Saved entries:
========================

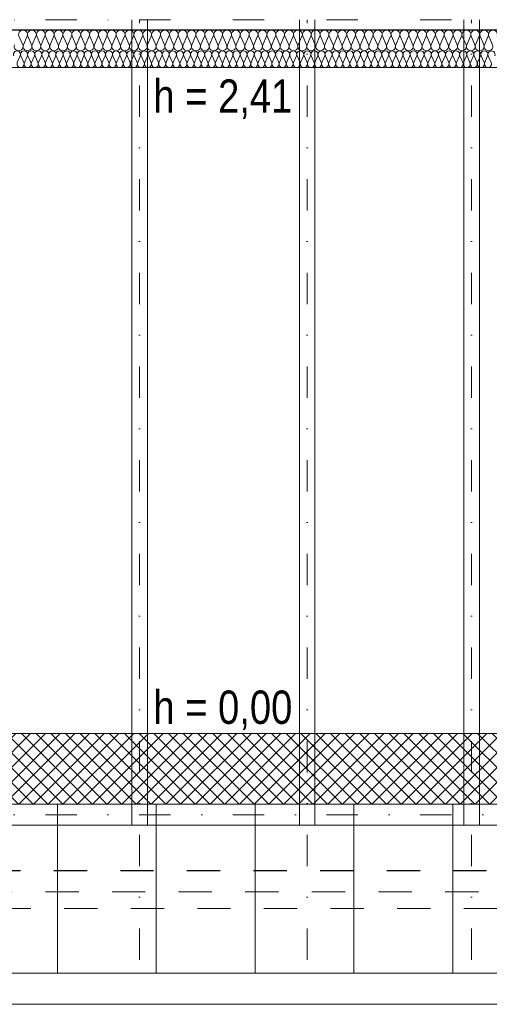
# Model space of a CAD drawing. Extents: x -558982 to 5119495, y -5290134 to 97908.
# Tile 253 of 256: x -427688 to -425432, y 76434 to 81165. Entities that reach past the tile are written whole.
import ezdxf

# ---------------------------------------------------------------- set-up
doc = ezdxf.new("R2010")
doc.units = 0
doc.header["$MEASUREMENT"] = 0
doc.linetypes.add('Dot & Dashed', pattern=[450, 150, -150, 0, -150])
doc.linetypes.add('Przerywana', pattern=[320, 160, -160])
for name, color, linetype, lineweight in [('Arch dachowki_Nr_Pióra__81', 252, 'Continuous', 9), ('Arch ocieplenie_Nr_Pióra__44', 252, 'Continuous', 13), ('Arch wykończenie_Nr_Pióra__3', 252, 'Continuous', 18), ('arch wypelnienia_Nr_Pióra__2', 252, 'Continuous', 13), ('INWENT DACH_Nr_Pióra__21', 252, 'Continuous', 9), ('INWENT KONST. DREWNIANA_Nr_Pióra__2', 252, 'Continuous', 13), ('INWENT KONST. DREWNIANA_Nr_Pióra__21', 252, 'Continuous', 9), ('INWENT RURY SPUSTOWE_Nr_Pióra__21', 252, 'Continuous', 9), ('INWENT WYMIARY_Nr_Pióra__21', 252, 'Continuous', 9), ('INWENT.ŚCIANY_Nr_Pióra__1', 252, 'Continuous', 25), ('INWENT.ŚCIANY_Nr_Pióra__2', 252, 'Continuous', 13)]:
    doc.layers.add(name, color=color, linetype=linetype, lineweight=lineweight)
doc.layers.add('Arch ocieplenie', color=252, linetype='Continuous')
doc.styles.add('GENERATED_STYLE_2', font='ARIALN.TTF')

# ---------------------------------------------------------------- blocks, each defined once
blk = doc.blocks.new('Izolacja cieplna 14_225', base_point=(-429844.9, 96852.6))
at = {"layer": 'Arch ocieplenie_Nr_Pióra__44', "linetype": 'Continuous'}
for p, q in [((-427699.9, 96796.4), (-427685.8, 96828.8)), ((-427682.9, 96828.8), (-427668.7, 96796.4)), ((-427665.9, 96796.4), (-427651.7, 96828.8)), ((-427648.9, 96828.8), (-427634.7, 96796.4)), ((-427631.9, 96796.4), (-427617.7, 96828.8)), ((-427614.8, 96828.8), (-427600.7, 96796.4)), ((-427597.8, 96796.4), (-427583.7, 96828.8)), ((-427580.8, 96828.8), (-427566.7, 96796.4)), ((-427563.8, 96796.4), (-427549.7, 96828.8)), ((-427546.8, 96828.8), (-427532.6, 96796.4)), ((-427529.8, 96796.4), (-427515.6, 96828.8)), ((-427512.8, 96828.8), (-427498.6, 96796.4)), ((-427495.8, 96796.4), (-427481.6, 96828.8)), ((-427478.7, 96828.8), (-427464.6, 96796.4)), ((-427461.7, 96796.4), (-427447.6, 96828.8)), ((-427444.7, 96828.8), (-427430.6, 96796.4)), ((-427427.7, 96796.4), (-427413.5, 96828.8)), ((-427410.7, 96828.8), (-427396.5, 96796.4)), ((-427393.7, 96796.4), (-427379.5, 96828.8)), ((-427376.7, 96828.8), (-427362.5, 96796.4)), ((-427359.7, 96796.4), (-427345.5, 96828.8)), ((-427342.6, 96828.8), (-427328.5, 96796.4)), ((-427325.6, 96796.4), (-427311.5, 96828.8)), ((-427308.6, 96828.8), (-427294.5, 96796.4)), ((-427291.6, 96796.4), (-427277.4, 96828.8)), ((-427274.6, 96828.8), (-427260.4, 96796.4)), ((-427257.6, 96796.4), (-427243.4, 96828.8)), ((-427240.6, 96828.8), (-427226.4, 96796.4)), ((-427223.5, 96796.4), (-427209.4, 96828.8)), ((-427206.5, 96828.8), (-427192.4, 96796.4)), ((-427189.5, 96796.4), (-427175.4, 96828.8)), ((-427172.5, 96828.8), (-427158.4, 96796.4)), ((-427155.5, 96796.4), (-427141.3, 96828.8)), ((-427138.5, 96828.8), (-427124.3, 96796.4)), ((-427121.5, 96796.4), (-427107.3, 96828.8)), ((-427104.5, 96828.8), (-427090.3, 96796.4)), ((-427087.4, 96796.4), (-427073.3, 96828.8)), ((-427070.4, 96828.8), (-427056.3, 96796.4)), ((-427053.4, 96796.4), (-427039.3, 96828.8)), ((-427036.4, 96828.8), (-427022.3, 96796.4)), ((-427019.4, 96796.4), (-427005.2, 96828.8)), ((-427002.4, 96828.8), (-426988.2, 96796.4)), ((-426985.4, 96796.4), (-426971.2, 96828.8)), ((-426968.4, 96828.8), (-426954.2, 96796.4)), ((-426951.3, 96796.4), (-426937.2, 96828.8)), ((-426934.3, 96828.8), (-426920.2, 96796.4)), ((-426917.3, 96796.4), (-426903.2, 96828.8)), ((-426900.3, 96828.8), (-426886.2, 96796.4)), ((-426883.3, 96796.4), (-426869.1, 96828.8)), ((-426866.3, 96828.8), (-426852.1, 96796.4)), ((-426849.3, 96796.4), (-426835.1, 96828.8)), ((-426832.3, 96828.8), (-426818.1, 96796.4)), ((-426815.2, 96796.4), (-426801.1, 96828.8)), ((-426798.2, 96828.8), (-426784.1, 96796.4)), ((-426781.2, 96796.4), (-426767.1, 96828.8)), ((-426764.2, 96828.8), (-426750.1, 96796.4)), ((-426747.2, 96796.4), (-426733, 96828.8)), ((-426730.2, 96828.8), (-426716, 96796.4)), ((-426713.2, 96796.4), (-426699, 96828.8)), ((-426696.2, 96828.8), (-426682, 96796.4)), ((-426679.1, 96796.4), (-426665, 96828.8)), ((-426662.1, 96828.8), (-426648, 96796.4)), ((-426645.1, 96796.4), (-426631, 96828.8)), ((-426628.1, 96828.8), (-426613.9, 96796.4)), ((-426611.1, 96796.4), (-426596.9, 96828.8)), ((-426594.1, 96828.8), (-426579.9, 96796.4)), ((-426577.1, 96796.4), (-426562.9, 96828.8)), ((-426560.1, 96828.8), (-426545.9, 96796.4)), ((-426543, 96796.4), (-426528.9, 96828.8)), ((-426526, 96828.8), (-426511.9, 96796.4)), ((-426509, 96796.4), (-426494.9, 96828.8)), ((-426492, 96828.8), (-426477.8, 96796.4)), ((-426475, 96796.4), (-426460.8, 96828.8)), ((-426458, 96828.8), (-426443.8, 96796.4)), ((-426441, 96796.4), (-426426.8, 96828.8)), ((-426423.9, 96828.8), (-426409.8, 96796.4)), ((-426406.9, 96796.4), (-426392.8, 96828.8)), ((-426389.9, 96828.8), (-426375.8, 96796.4)), ((-426372.9, 96796.4), (-426358.8, 96828.8)), ((-426355.9, 96828.8), (-426341.7, 96796.4)), ((-426338.9, 96796.4), (-426324.7, 96828.8)), ((-426321.9, 96828.8), (-426307.7, 96796.4)), ((-426304.9, 96796.4), (-426290.7, 96828.8)), ((-426287.8, 96828.8), (-426273.7, 96796.4)), ((-426270.8, 96796.4), (-426256.7, 96828.8)), ((-426253.8, 96828.8), (-426239.7, 96796.4)), ((-426236.8, 96796.4), (-426222.7, 96828.8)), ((-426219.8, 96828.8), (-426205.6, 96796.4)), ((-426202.8, 96796.4), (-426188.6, 96828.8)), ((-426185.8, 96828.8), (-426171.6, 96796.4)), ((-426168.8, 96796.4), (-426154.6, 96828.8)), ((-426151.7, 96828.8), (-426137.6, 96796.4)), ((-426134.7, 96796.4), (-426120.6, 96828.8)), ((-426117.7, 96828.8), (-426103.6, 96796.4)), ((-426100.7, 96796.4), (-426086.6, 96828.8)), ((-426083.7, 96828.8), (-426069.5, 96796.4)), ((-426066.7, 96796.4), (-426052.5, 96828.8)), ((-426049.7, 96828.8), (-426035.5, 96796.4)), ((-426032.7, 96796.4), (-426018.5, 96828.8)), ((-426015.6, 96828.8), (-426001.5, 96796.4)), ((-425998.6, 96796.4), (-425984.5, 96828.8)), ((-425981.6, 96828.8), (-425967.5, 96796.4)), ((-425964.6, 96796.4), (-425950.4, 96828.8)), ((-425947.6, 96828.8), (-425933.4, 96796.4)), ((-425930.6, 96796.4), (-425916.4, 96828.8)), ((-425913.6, 96828.8), (-425899.4, 96796.4)), ((-425896.6, 96796.4), (-425882.4, 96828.8)), ((-425879.5, 96828.8), (-425865.4, 96796.4)), ((-425862.5, 96796.4), (-425848.4, 96828.8)), ((-425845.5, 96828.8), (-425831.4, 96796.4)), ((-425828.5, 96796.4), (-425814.3, 96828.8)), ((-425811.5, 96828.8), (-425797.3, 96796.4)), ((-425794.5, 96796.4), (-425780.3, 96828.8)), ((-425777.5, 96828.8), (-425763.3, 96796.4)), ((-425760.5, 96796.4), (-425746.3, 96828.8)), ((-425743.4, 96828.8), (-425729.3, 96796.4)), ((-425726.4, 96796.4), (-425712.3, 96828.8)), ((-425709.4, 96828.8), (-425695.3, 96796.4)), ((-425692.4, 96796.4), (-425678.2, 96828.8)), ((-425675.4, 96828.8), (-425661.2, 96796.4)), ((-425658.4, 96796.4), (-425644.2, 96828.8)), ((-425641.4, 96828.8), (-425627.2, 96796.4)), ((-425624.3, 96796.4), (-425610.2, 96828.8)), ((-425607.3, 96828.8), (-425593.2, 96796.4)), ((-425590.3, 96796.4), (-425576.2, 96828.8)), ((-425573.3, 96828.8), (-425559.2, 96796.4)), ((-425556.3, 96796.4), (-425542.1, 96828.8)), ((-425539.3, 96828.8), (-425525.1, 96796.4)), ((-425522.3, 96796.4), (-425508.1, 96828.8)), ((-425505.3, 96828.8), (-425491.1, 96796.4)), ((-425488.2, 96796.4), (-425474.1, 96828.8)), ((-425471.2, 96828.8), (-425457.1, 96796.4)), ((-425454.2, 96796.4), (-425440.1, 96828.8)), ((-425437.2, 96828.8), (-425423.1, 96796.4))]:
    blk.add_line(p, q, dxfattribs=at)
for centre, start_param, end_param in [((-427701.3, 96835.6), 4.299595, 8.266774), ((-427667.3, 96835.6), 4.299595, 8.266774), ((-427633.3, 96835.6), 4.299595, 8.266774), ((-427599.3, 96835.6), 4.299595, 8.266774), ((-427565.2, 96835.6), 4.299595, 8.266774), ((-427531.2, 96835.6), 4.299595, 8.266774), ((-427497.2, 96835.6), 4.299595, 8.266774), ((-427463.2, 96835.6), 4.299595, 8.266774), ((-427429.1, 96835.6), 4.299595, 8.266774), ((-427395.1, 96835.6), 4.299595, 8.266774), ((-427361.1, 96835.6), 4.299595, 8.266774), ((-427327.1, 96835.6), 4.299595, 8.266774), ((-427293, 96835.6), 4.299595, 8.266774), ((-427259, 96835.6), 4.299595, 8.266774), ((-427225, 96835.6), 4.299595, 8.266774), ((-427191, 96835.6), 4.299595, 8.266774), ((-427156.9, 96835.6), 4.299595, 8.266774), ((-427122.9, 96835.6), 4.299595, 8.266774), ((-427088.9, 96835.6), 4.299595, 8.266774), ((-427054.9, 96835.6), 4.299595, 8.266774), ((-427020.8, 96835.6), 4.299595, 8.266774), ((-426986.8, 96835.6), 4.299595, 8.266774), ((-426952.8, 96835.6), 4.299595, 8.266774), ((-426918.7, 96835.6), 4.299595, 8.266774), ((-426884.7, 96835.6), 4.299595, 8.266774), ((-426850.7, 96835.6), 4.299595, 8.266774), ((-426816.7, 96835.6), 4.299595, 8.266774), ((-426782.6, 96835.6), 4.299595, 8.266774), ((-426748.6, 96835.6), 4.299595, 8.266774), ((-426714.6, 96835.6), 4.299595, 8.266774), ((-426680.6, 96835.6), 4.299595, 8.266774), ((-426646.5, 96835.6), 4.299595, 8.266774), ((-426612.5, 96835.6), 4.299595, 8.266774), ((-426578.5, 96835.6), 4.299595, 8.266774), ((-426544.5, 96835.6), 4.299595, 8.266774), ((-426510.4, 96835.6), 4.299595, 8.266774), ((-426476.4, 96835.6), 4.299595, 8.266774), ((-426442.4, 96835.6), 4.299595, 8.266774), ((-426408.4, 96835.6), 4.299595, 8.266774), ((-426374.3, 96835.6), 4.299595, 8.266774), ((-426340.3, 96835.6), 4.299595, 8.266774), ((-426306.3, 96835.6), 4.299595, 8.266774), ((-426272.3, 96835.6), 4.299595, 8.266774), ((-426238.2, 96835.6), 4.299595, 8.266774), ((-426204.2, 96835.6), 4.299595, 8.266774), ((-426170.2, 96835.6), 4.299595, 8.266774), ((-426136.2, 96835.6), 4.299595, 8.266774), ((-426102.1, 96835.6), 4.299595, 8.266774), ((-426068.1, 96835.6), 4.299595, 8.266774), ((-426034.1, 96835.6), 4.299595, 8.266774), ((-426000.1, 96835.6), 4.299595, 8.266774), ((-425966, 96835.6), 4.299595, 8.266774), ((-425932, 96835.6), 4.299595, 8.266774), ((-425898, 96835.6), 4.299595, 8.266774), ((-425864, 96835.6), 4.299595, 8.266774), ((-425829.9, 96835.6), 4.299595, 8.266774), ((-425795.9, 96835.6), 4.299595, 8.266774), ((-425761.9, 96835.6), 4.299595, 8.266774), ((-425727.9, 96835.6), 4.299595, 8.266774), ((-425693.8, 96835.6), 4.299595, 8.266774), ((-425659.8, 96835.6), 4.299595, 8.266774), ((-425625.8, 96835.6), 4.299595, 8.266774), ((-425591.8, 96835.6), 4.299595, 8.266774), ((-425557.7, 96835.6), 4.299595, 8.266774), ((-425523.7, 96835.6), 4.299595, 8.266774), ((-425489.7, 96835.6), 4.299595, 8.266774), ((-425455.7, 96835.6), 4.299595, 8.266774), ((-425421.6, 96835.6), 4.299595, 8.266774), ((-427684.3, 96789.6), 1.158003, 5.125183), ((-427650.3, 96789.6), 1.158003, 5.125183), ((-427616.3, 96789.6), 1.158003, 5.125183), ((-427582.2, 96789.6), 1.158003, 5.125183), ((-427548.2, 96789.6), 1.158003, 5.125183), ((-427514.2, 96789.6), 1.158003, 5.125183), ((-427480.2, 96789.6), 1.158003, 5.125183), ((-427446.1, 96789.6), 1.158003, 5.125183), ((-427412.1, 96789.6), 1.158003, 5.125183), ((-427378.1, 96789.6), 1.158003, 5.125183), ((-427344.1, 96789.6), 1.158003, 5.125183), ((-427310, 96789.6), 1.158003, 5.125183), ((-427276, 96789.6), 1.158003, 5.125183), ((-427242, 96789.6), 1.158003, 5.125183), ((-427208, 96789.6), 1.158003, 5.125183), ((-427173.9, 96789.6), 1.158003, 5.125183), ((-427139.9, 96789.6), 1.158003, 5.125183), ((-427105.9, 96789.6), 1.158003, 5.125183), ((-427071.9, 96789.6), 1.158003, 5.125183), ((-427037.8, 96789.6), 1.158003, 5.125183), ((-427003.8, 96789.6), 1.158003, 5.125183), ((-426969.8, 96789.6), 1.158003, 5.125183), ((-426935.8, 96789.6), 1.158003, 5.125183), ((-426901.7, 96789.6), 1.158003, 5.125183), ((-426867.7, 96789.6), 1.158003, 5.125183), ((-426833.7, 96789.6), 1.158003, 5.125183), ((-426799.7, 96789.6), 1.158003, 5.125183), ((-426765.6, 96789.6), 1.158003, 5.125183), ((-426731.6, 96789.6), 1.158003, 5.125183), ((-426697.6, 96789.6), 1.158003, 5.125183), ((-426663.6, 96789.6), 1.158003, 5.125183), ((-426629.5, 96789.6), 1.158003, 5.125183), ((-426595.5, 96789.6), 1.158003, 5.125183), ((-426561.5, 96789.6), 1.158003, 5.125183), ((-426527.5, 96789.6), 1.158003, 5.125183), ((-426493.4, 96789.6), 1.158003, 5.125183), ((-426459.4, 96789.6), 1.158003, 5.125183), ((-426425.4, 96789.6), 1.158003, 5.125183), ((-426391.4, 96789.6), 1.158003, 5.125183), ((-426357.3, 96789.6), 1.158003, 5.125183), ((-426323.3, 96789.6), 1.158003, 5.125183), ((-426289.3, 96789.6), 1.158003, 5.125183), ((-426255.3, 96789.6), 1.158003, 5.125183), ((-426221.2, 96789.6), 1.158003, 5.125183), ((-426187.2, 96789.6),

========================

**Task details**
Return each line among the entries that holds the word "layers".

**Answer to the exercise**
    doc.layers.add(name, color=color, linetype=linetype, lineweight=lineweight)
doc.layers.add('Arch ocieplenie', color=252, linetype='Continuous')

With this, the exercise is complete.